But Malawian commoners- commoners whose behaviour smacks of suspicions (where have they gotten the money to do this?)- James Willie and Rodrick Makapu have seen sense in peace and dialogue (some of the fruits of common sense) and gone to the High Court in Blantyre.
Willie and Makapu’s mission: To stop death on August 17, 2011.
They call themselves small-scale business people who ply their trades in Limbe (the commercial centre of Blantyre) and Blantyre Central Business District.
The inter partes injunction puts Undule Mwakasungula, Reverend MacDonald Sembereka, the Human Rights Consultative Committee, the Malawi Congress Party, the United Democratic Front, the People’s Transformation Party (those wishing to take part in the anti-government demos), as the first defendants.

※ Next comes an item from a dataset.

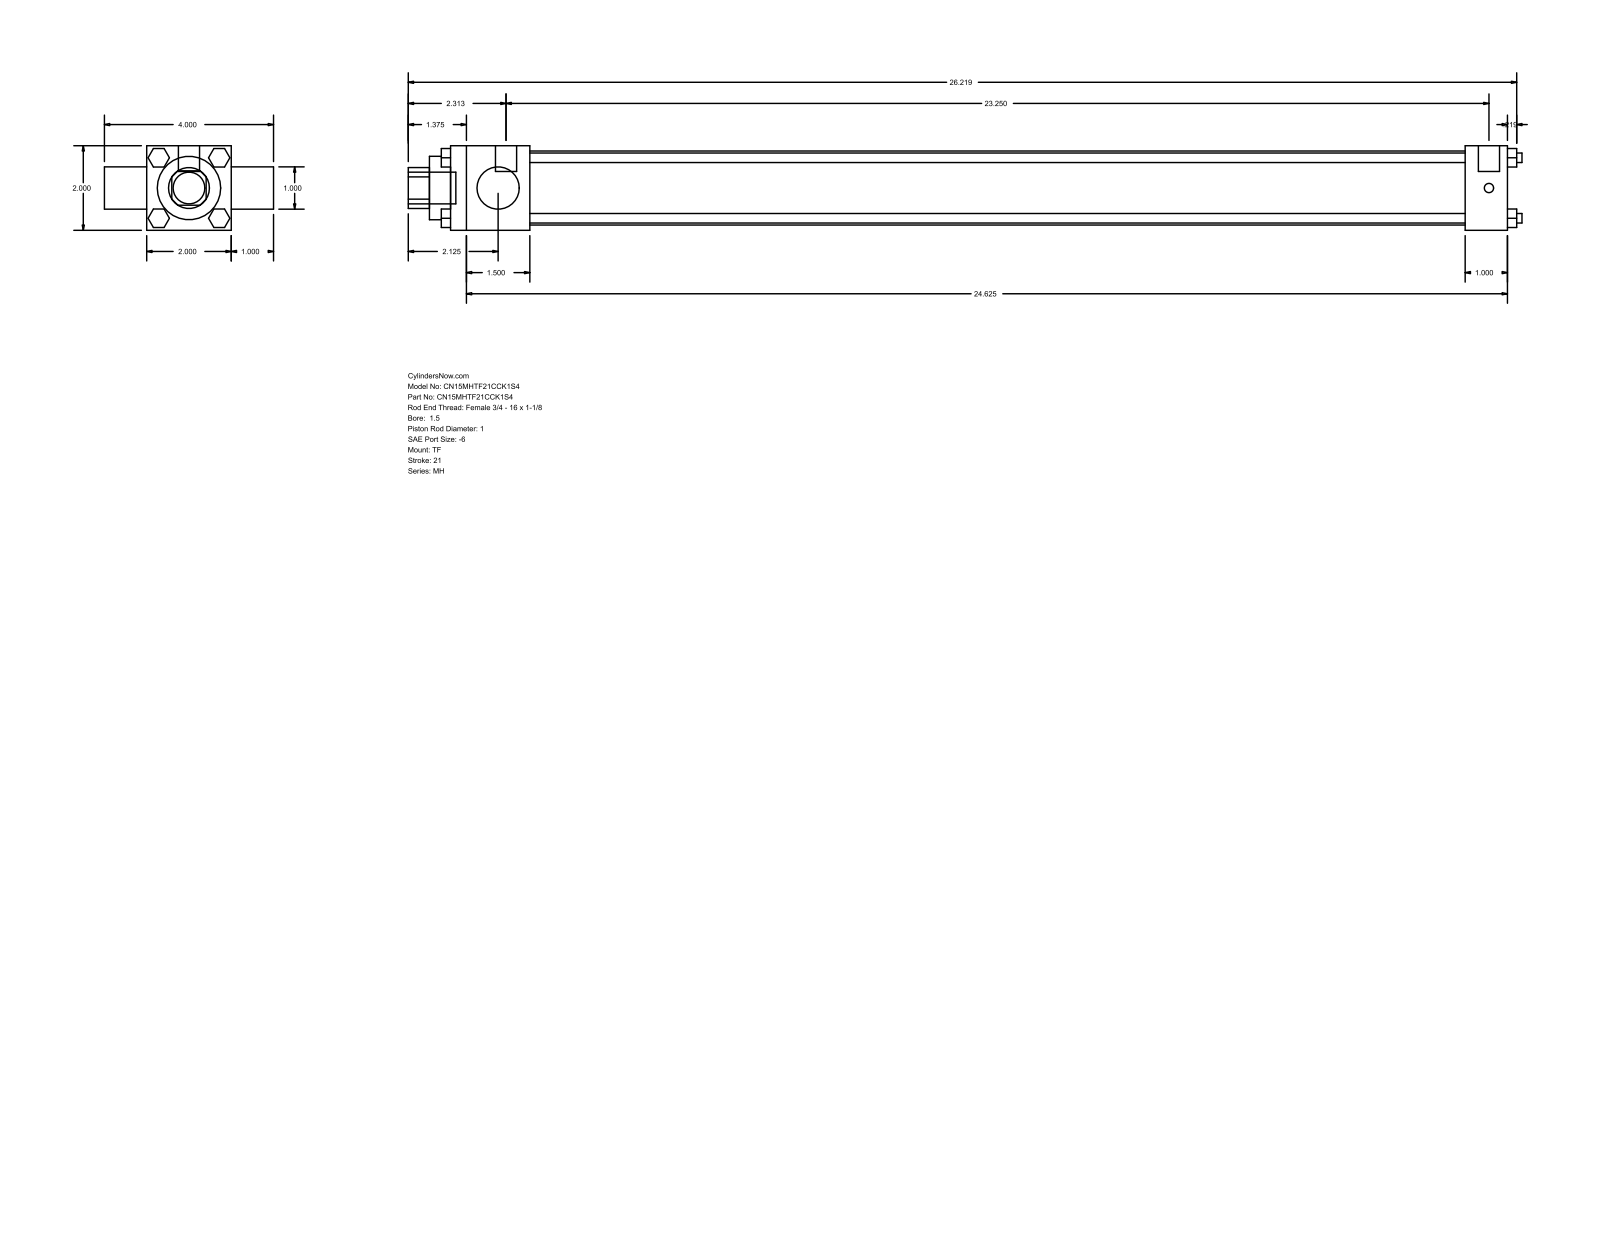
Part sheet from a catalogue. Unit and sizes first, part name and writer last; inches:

The second defendant is Davie Charles Kanyoza, standing for all those wishing to hold demos in support of the Malawi government.

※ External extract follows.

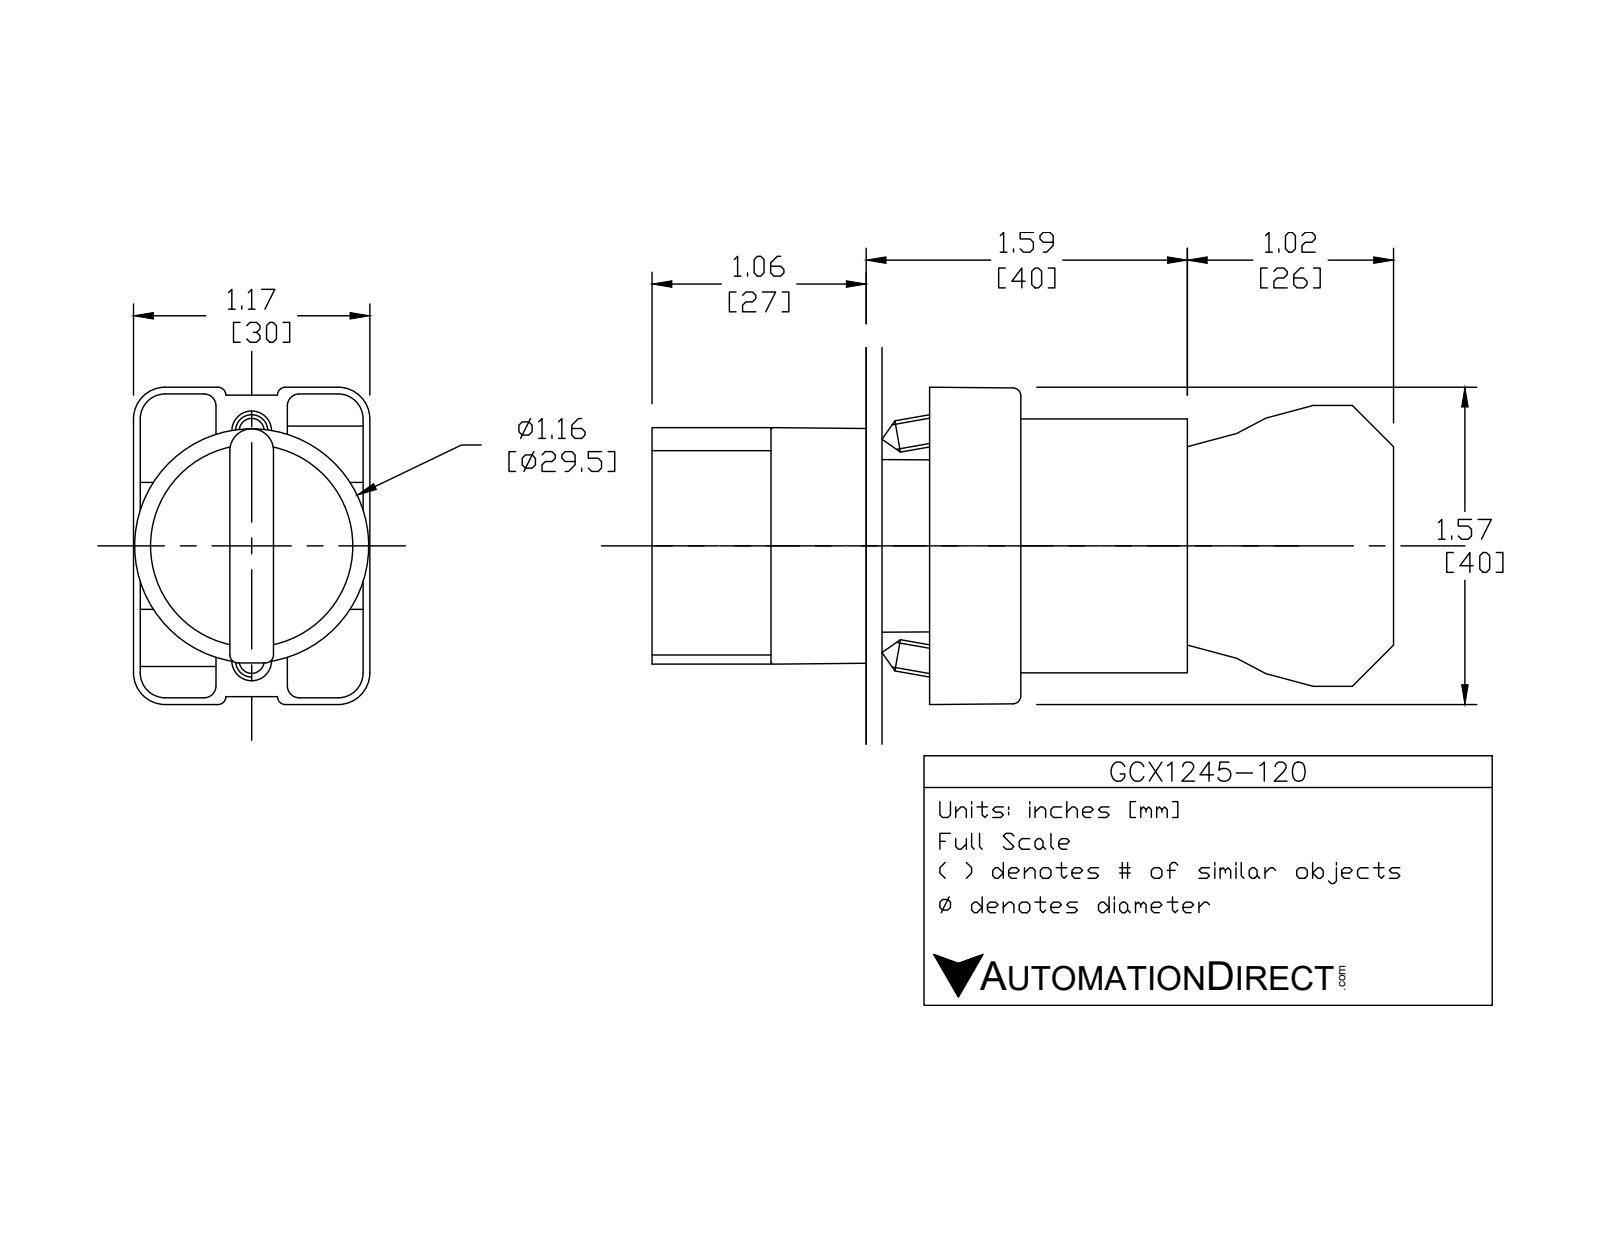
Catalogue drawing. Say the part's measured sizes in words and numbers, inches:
The part is named "ECX1050; ecx1040; GCX1245-120; ecx1029 (+1 more)". Its 3-D file was written by "SolidWorks 2016 (AUTOMOTIVE_DESIGN)". It is 8 solids with 445 faces: 263 planar, 151 cylindrical and 31 other. Overall it measures 3.653 by 1.581 by 1.177 inches. Its volume is 2.799 cubic inches and its surface area 39 square inches. Round holes: 2 of diameter 0.079, 2 of diameter 0.124, 2 of diameter 0.13, 1 of diameter 0.087, 1 of diameter 0.197, 1 of diameter 0.469, 1 of diameter 0.878, 1 of diameter 0.888, 1 of diameter 1.024. Round bosses or shafts: 4 of diameter 0.157, 1 of diameter 1.175, 1 of diameter 1.004, 1 of diameter 0.945, 1 of diameter 0.856, 1 of diameter 0.78, 1 of diameter 0.504. Partial cylindrical surfaces (rounded edges, fillets, slot ends): 24 of radius 0.059, 12 of radius 0.041, 12 of radius 0.124, 12 of radius 0.157, 9 of radius 0.039, 2 of radius 0.128, 1 of radius 0.02, 1 of radius 0.063. The main face-to-face distances are 0.827, 2.02, 1.193, 0.579, 1.244, 1.171, 0.472, 0.469, 0.031, 0.033. The hole center spacings are 0.236, 0.544, 0.472, 0.49.

That has affected the planned demos.
Private Radio Stations such as MIJ (Malawi Institute of Journalism) have already started announcing that the demos have been postponed. MIJ has even gone a step further, saying it wishes Malawi well, and would, therefore, like to appeal to Malawians to give dialogue a chance.
That is a step further. That is more than taking responsibility. That is positive journalism.

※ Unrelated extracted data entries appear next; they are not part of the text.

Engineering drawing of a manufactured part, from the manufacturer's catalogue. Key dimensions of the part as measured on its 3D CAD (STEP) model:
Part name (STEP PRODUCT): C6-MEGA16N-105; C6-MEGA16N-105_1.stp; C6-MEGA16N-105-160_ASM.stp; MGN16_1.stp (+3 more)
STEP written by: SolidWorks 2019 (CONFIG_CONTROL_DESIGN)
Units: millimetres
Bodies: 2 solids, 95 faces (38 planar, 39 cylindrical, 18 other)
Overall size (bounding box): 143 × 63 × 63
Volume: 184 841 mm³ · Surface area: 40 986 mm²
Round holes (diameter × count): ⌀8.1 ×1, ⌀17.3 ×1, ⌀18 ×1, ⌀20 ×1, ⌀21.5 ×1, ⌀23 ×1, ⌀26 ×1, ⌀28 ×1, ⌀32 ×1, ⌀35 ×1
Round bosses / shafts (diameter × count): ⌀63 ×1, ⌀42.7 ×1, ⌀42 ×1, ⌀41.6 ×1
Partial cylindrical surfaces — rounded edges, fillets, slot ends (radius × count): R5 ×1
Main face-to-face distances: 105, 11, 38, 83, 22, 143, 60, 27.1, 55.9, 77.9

And so gets postponed August 17, 2011’s ‘Event of death’.
The poor- those marked for death- can live a little bit longer.
For now.
Tomorrow, CSO and NGO leaders may decide that their (the poor’s) time to die is nigh.
That call will be hidden in messages that announce the next round of demos.
Let us give peace a chance.
Let us allow others to live.
Let us not scare Foreign Direct Investors.
Let us protect the businesses that are already here.
Let us maintain our ‘Malawi: The Warm Heart of Africa’ accolade.
Let us be calm.
We have been together for so long.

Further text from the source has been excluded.